§ Task
The answer should be each line of the records that contains the word "IfcExtrudedAreaSolid"; please copy them all.

§ Information supplied
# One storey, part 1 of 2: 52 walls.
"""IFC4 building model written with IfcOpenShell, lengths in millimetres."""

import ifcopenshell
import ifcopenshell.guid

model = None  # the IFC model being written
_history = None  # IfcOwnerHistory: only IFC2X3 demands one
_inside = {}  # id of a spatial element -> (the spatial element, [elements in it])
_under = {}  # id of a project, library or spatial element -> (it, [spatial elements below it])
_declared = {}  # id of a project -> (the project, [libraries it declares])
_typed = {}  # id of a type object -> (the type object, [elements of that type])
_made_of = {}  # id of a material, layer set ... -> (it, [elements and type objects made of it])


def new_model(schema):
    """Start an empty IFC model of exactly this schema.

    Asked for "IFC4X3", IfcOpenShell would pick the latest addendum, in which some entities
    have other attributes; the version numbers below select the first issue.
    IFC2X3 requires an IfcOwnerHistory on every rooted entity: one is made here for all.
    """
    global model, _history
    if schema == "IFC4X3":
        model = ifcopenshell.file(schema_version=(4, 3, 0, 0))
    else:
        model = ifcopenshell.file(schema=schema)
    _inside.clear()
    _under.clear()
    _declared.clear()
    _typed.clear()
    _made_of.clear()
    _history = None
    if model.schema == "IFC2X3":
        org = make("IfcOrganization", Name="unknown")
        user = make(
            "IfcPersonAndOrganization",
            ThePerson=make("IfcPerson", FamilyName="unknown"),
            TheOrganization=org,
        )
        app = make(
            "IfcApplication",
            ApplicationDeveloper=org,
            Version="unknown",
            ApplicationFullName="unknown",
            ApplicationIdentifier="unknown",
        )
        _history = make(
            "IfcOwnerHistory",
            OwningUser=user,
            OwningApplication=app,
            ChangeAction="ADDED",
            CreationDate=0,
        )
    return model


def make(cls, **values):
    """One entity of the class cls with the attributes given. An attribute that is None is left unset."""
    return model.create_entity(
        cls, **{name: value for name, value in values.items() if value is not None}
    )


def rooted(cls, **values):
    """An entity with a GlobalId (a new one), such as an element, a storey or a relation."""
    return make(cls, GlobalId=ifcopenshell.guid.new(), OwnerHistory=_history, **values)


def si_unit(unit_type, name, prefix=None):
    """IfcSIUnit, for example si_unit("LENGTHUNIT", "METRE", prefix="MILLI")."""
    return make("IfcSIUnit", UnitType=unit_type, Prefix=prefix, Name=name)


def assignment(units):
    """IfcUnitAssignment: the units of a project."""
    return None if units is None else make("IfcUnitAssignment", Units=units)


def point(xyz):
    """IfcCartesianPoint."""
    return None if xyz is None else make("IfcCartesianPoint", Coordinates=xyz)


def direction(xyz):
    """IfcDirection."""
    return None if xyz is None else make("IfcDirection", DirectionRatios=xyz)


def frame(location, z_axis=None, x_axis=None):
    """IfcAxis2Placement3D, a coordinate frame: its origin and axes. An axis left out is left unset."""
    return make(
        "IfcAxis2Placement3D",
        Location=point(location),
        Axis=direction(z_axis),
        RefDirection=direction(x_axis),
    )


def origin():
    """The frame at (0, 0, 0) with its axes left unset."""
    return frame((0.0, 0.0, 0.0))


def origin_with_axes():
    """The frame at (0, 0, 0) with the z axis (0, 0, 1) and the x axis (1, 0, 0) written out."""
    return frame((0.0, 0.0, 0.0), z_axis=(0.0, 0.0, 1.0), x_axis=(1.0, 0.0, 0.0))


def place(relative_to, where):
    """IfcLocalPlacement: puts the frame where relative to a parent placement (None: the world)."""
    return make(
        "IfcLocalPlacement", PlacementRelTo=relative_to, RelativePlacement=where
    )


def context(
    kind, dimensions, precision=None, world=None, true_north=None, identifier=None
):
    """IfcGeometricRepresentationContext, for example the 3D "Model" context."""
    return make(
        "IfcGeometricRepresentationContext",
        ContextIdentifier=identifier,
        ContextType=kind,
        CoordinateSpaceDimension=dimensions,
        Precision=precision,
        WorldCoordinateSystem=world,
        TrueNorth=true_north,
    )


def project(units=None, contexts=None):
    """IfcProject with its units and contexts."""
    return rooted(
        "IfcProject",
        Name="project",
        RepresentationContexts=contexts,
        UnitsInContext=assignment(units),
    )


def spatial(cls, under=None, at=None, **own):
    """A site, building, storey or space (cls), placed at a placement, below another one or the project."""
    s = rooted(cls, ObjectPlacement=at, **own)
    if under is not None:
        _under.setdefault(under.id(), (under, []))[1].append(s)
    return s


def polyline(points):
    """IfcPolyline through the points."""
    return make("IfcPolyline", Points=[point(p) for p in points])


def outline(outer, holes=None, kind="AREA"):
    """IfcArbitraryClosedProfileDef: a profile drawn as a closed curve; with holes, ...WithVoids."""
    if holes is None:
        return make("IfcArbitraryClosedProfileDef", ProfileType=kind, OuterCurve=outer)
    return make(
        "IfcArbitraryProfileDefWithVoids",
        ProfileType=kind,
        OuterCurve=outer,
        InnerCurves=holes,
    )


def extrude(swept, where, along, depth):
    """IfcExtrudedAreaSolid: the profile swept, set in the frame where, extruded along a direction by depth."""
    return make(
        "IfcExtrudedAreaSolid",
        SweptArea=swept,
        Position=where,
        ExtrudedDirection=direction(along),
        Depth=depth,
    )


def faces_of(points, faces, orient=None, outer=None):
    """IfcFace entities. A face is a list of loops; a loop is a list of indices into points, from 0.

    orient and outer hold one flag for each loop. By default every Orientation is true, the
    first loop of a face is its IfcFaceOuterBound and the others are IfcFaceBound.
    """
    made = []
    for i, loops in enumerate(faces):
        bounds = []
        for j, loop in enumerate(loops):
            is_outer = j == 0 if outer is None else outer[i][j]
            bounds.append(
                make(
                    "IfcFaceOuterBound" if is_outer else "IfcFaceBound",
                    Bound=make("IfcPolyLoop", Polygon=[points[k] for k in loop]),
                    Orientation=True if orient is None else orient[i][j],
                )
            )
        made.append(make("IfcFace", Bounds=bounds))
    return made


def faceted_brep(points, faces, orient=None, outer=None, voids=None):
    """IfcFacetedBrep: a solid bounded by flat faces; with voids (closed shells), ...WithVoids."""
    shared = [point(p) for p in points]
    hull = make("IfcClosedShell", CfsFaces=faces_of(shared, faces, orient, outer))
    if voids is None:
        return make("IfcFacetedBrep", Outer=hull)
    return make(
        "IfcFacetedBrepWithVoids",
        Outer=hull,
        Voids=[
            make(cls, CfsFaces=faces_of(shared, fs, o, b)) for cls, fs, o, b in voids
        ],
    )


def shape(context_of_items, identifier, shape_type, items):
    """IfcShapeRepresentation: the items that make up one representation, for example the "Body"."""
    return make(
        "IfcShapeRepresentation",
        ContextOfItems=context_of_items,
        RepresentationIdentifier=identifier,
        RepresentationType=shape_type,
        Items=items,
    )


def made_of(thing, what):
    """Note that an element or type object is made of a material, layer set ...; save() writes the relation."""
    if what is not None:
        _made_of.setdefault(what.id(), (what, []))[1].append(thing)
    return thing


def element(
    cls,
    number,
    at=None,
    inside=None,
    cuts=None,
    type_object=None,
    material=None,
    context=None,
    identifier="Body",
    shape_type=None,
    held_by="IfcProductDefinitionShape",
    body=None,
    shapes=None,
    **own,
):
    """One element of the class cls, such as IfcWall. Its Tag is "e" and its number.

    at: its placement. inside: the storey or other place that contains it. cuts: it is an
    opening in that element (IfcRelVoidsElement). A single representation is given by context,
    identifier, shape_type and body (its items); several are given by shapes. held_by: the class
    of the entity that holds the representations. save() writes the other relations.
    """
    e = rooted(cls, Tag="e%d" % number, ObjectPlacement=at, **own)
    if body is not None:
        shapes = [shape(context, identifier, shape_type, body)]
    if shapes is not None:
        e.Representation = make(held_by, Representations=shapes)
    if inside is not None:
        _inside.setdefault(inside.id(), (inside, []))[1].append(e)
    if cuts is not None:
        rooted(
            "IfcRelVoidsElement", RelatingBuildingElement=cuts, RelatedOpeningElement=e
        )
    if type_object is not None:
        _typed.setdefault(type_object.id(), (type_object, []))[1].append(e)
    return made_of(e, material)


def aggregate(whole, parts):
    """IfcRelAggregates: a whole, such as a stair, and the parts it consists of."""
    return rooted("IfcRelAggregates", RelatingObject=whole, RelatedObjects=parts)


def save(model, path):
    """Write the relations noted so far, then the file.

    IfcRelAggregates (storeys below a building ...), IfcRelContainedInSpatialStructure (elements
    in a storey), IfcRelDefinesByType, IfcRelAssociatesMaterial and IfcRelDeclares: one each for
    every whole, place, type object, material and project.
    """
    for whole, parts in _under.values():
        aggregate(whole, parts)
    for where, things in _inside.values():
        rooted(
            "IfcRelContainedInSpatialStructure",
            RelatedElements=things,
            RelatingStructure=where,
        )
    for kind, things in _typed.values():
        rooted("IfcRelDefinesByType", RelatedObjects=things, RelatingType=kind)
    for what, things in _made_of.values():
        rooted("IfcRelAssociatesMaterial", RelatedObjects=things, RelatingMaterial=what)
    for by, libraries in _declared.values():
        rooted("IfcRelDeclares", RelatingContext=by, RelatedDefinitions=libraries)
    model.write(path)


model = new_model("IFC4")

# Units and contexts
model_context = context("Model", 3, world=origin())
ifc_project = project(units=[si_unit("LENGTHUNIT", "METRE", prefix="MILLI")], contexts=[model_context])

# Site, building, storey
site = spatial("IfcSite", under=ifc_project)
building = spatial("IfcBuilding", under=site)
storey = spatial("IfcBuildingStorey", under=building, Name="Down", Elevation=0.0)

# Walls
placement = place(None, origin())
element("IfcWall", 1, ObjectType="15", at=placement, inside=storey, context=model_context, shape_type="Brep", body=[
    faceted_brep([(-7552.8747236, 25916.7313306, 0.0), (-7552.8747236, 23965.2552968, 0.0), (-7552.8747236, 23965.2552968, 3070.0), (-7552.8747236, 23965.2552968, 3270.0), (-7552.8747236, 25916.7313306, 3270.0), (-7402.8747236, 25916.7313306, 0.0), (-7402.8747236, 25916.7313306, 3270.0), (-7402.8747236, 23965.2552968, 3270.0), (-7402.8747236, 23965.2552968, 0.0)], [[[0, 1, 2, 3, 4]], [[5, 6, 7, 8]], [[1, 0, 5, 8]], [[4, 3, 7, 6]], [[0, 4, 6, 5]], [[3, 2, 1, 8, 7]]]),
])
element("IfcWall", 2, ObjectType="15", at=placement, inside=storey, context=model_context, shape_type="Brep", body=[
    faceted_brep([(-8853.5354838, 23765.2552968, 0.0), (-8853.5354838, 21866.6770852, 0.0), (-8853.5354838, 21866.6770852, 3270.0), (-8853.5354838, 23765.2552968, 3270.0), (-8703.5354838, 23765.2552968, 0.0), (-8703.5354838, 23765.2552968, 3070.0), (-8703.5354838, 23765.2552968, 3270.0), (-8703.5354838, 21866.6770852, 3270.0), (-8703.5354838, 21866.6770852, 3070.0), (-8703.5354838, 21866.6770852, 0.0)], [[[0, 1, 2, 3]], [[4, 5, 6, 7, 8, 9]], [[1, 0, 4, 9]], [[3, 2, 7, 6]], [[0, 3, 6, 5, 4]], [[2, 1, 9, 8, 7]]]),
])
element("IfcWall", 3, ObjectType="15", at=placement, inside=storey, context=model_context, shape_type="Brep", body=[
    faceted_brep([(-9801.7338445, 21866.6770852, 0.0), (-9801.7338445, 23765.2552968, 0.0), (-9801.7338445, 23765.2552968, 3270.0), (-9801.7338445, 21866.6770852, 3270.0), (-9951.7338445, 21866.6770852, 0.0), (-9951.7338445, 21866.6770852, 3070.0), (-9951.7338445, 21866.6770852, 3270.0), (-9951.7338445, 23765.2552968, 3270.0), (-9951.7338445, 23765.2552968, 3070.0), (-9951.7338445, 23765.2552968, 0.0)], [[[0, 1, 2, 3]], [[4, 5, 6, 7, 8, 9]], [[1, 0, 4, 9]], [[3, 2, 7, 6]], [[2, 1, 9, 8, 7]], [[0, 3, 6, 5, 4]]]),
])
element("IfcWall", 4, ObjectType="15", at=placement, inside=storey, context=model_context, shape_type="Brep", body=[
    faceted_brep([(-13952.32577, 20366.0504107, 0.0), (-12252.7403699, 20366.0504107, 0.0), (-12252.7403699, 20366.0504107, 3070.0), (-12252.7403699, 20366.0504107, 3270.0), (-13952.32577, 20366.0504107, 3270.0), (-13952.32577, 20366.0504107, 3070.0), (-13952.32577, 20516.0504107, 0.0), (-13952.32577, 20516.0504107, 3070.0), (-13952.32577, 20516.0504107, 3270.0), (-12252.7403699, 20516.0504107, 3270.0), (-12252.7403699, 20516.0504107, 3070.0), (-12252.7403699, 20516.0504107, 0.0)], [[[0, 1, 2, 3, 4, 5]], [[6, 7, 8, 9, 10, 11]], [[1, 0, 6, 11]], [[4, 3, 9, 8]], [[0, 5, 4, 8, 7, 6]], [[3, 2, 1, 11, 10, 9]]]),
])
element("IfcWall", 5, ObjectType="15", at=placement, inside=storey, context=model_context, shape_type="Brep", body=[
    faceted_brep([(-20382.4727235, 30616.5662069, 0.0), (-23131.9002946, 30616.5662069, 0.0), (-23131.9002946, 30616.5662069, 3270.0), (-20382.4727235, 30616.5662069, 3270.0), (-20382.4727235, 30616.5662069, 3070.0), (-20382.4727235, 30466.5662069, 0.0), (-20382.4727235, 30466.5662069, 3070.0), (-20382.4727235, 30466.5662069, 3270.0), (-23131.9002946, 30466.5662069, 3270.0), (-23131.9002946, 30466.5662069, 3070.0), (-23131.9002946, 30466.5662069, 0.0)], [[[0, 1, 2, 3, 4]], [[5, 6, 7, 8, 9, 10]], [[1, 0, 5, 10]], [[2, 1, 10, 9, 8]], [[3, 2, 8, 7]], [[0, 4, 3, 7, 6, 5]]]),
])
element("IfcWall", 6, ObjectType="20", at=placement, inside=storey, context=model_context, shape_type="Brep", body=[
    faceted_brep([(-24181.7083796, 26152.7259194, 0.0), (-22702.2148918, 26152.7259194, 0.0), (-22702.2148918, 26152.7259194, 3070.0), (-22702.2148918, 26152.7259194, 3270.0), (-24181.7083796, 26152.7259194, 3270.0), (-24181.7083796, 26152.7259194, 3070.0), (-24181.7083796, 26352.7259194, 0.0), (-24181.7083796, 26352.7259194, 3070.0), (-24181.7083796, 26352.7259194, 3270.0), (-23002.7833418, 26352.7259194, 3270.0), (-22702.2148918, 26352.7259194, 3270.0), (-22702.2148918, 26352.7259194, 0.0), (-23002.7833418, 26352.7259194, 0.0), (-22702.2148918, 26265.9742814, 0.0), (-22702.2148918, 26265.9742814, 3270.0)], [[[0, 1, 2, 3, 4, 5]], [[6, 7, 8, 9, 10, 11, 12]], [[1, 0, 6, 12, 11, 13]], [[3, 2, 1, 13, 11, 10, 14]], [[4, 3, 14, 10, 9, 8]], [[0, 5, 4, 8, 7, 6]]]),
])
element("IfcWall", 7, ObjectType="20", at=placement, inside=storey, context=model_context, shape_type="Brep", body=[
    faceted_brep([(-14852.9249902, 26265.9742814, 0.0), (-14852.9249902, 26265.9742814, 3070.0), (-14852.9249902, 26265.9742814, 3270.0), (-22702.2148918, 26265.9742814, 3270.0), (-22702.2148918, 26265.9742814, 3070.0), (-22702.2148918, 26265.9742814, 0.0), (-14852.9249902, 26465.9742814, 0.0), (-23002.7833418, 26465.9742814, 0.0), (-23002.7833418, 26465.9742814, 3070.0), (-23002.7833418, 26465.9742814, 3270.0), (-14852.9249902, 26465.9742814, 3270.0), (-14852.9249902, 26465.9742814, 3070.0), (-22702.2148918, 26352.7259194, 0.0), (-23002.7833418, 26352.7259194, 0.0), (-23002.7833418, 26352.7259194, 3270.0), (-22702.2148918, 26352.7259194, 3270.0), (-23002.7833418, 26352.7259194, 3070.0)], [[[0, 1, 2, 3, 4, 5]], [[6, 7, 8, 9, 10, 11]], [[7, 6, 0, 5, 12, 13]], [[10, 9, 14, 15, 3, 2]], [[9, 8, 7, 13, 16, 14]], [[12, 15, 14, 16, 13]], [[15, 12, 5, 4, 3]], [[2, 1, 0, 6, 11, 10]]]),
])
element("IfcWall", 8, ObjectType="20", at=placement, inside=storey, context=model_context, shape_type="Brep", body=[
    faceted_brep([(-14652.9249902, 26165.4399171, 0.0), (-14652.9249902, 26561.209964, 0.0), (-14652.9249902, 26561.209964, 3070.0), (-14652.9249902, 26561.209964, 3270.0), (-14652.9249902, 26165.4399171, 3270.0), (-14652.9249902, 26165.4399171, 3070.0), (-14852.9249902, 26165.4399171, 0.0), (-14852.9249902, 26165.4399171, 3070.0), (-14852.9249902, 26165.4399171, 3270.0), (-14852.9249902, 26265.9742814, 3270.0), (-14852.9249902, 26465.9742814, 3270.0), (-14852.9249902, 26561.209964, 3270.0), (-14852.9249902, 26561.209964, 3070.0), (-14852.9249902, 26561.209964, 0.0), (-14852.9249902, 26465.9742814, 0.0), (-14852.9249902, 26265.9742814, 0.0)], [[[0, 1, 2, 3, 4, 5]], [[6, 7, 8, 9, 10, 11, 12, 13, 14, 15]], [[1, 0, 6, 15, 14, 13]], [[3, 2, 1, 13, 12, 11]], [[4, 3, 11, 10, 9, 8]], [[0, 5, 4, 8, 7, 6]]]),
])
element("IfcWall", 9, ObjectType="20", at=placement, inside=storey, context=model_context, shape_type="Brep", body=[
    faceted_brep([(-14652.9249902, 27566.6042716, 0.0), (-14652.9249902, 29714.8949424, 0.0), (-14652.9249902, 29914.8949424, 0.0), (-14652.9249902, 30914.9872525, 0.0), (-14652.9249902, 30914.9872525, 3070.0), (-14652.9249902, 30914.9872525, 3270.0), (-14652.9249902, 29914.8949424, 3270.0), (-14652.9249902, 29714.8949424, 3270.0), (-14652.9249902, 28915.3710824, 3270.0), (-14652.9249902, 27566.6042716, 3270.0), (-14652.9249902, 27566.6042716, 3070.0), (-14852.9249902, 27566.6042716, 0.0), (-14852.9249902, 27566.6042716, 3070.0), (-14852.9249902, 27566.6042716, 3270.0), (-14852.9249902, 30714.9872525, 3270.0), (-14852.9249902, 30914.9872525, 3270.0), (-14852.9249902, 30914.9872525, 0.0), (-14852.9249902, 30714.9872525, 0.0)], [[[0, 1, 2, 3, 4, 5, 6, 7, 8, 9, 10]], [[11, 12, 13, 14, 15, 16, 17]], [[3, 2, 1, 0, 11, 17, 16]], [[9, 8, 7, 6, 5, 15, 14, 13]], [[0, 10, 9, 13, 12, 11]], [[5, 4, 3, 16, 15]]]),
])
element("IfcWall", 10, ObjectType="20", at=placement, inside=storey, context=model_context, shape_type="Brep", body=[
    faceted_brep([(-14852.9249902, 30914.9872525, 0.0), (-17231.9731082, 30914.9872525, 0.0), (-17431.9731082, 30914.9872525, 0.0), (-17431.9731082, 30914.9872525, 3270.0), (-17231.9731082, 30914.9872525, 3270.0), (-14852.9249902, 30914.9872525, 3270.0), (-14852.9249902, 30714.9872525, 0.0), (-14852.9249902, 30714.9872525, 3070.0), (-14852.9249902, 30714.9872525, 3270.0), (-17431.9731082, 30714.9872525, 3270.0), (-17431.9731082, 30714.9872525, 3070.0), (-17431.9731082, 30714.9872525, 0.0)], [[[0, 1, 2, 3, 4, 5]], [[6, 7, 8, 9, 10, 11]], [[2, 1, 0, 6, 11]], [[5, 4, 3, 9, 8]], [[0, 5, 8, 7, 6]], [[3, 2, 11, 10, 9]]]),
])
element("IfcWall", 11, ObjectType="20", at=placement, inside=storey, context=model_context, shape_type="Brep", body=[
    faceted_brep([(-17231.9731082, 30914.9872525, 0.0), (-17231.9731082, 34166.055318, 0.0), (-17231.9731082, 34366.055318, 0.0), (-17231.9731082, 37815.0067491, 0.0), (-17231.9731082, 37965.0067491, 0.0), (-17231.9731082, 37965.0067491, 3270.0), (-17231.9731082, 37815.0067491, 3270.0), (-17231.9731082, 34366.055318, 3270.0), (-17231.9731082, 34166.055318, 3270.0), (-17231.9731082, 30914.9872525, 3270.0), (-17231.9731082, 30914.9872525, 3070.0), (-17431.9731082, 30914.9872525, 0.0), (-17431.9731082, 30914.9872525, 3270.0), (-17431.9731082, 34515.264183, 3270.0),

§ Response area
    """IfcExtrudedAreaSolid: the profile swept, set in the frame where, extruded along a direction by depth."""
        "IfcExtrudedAreaSolid",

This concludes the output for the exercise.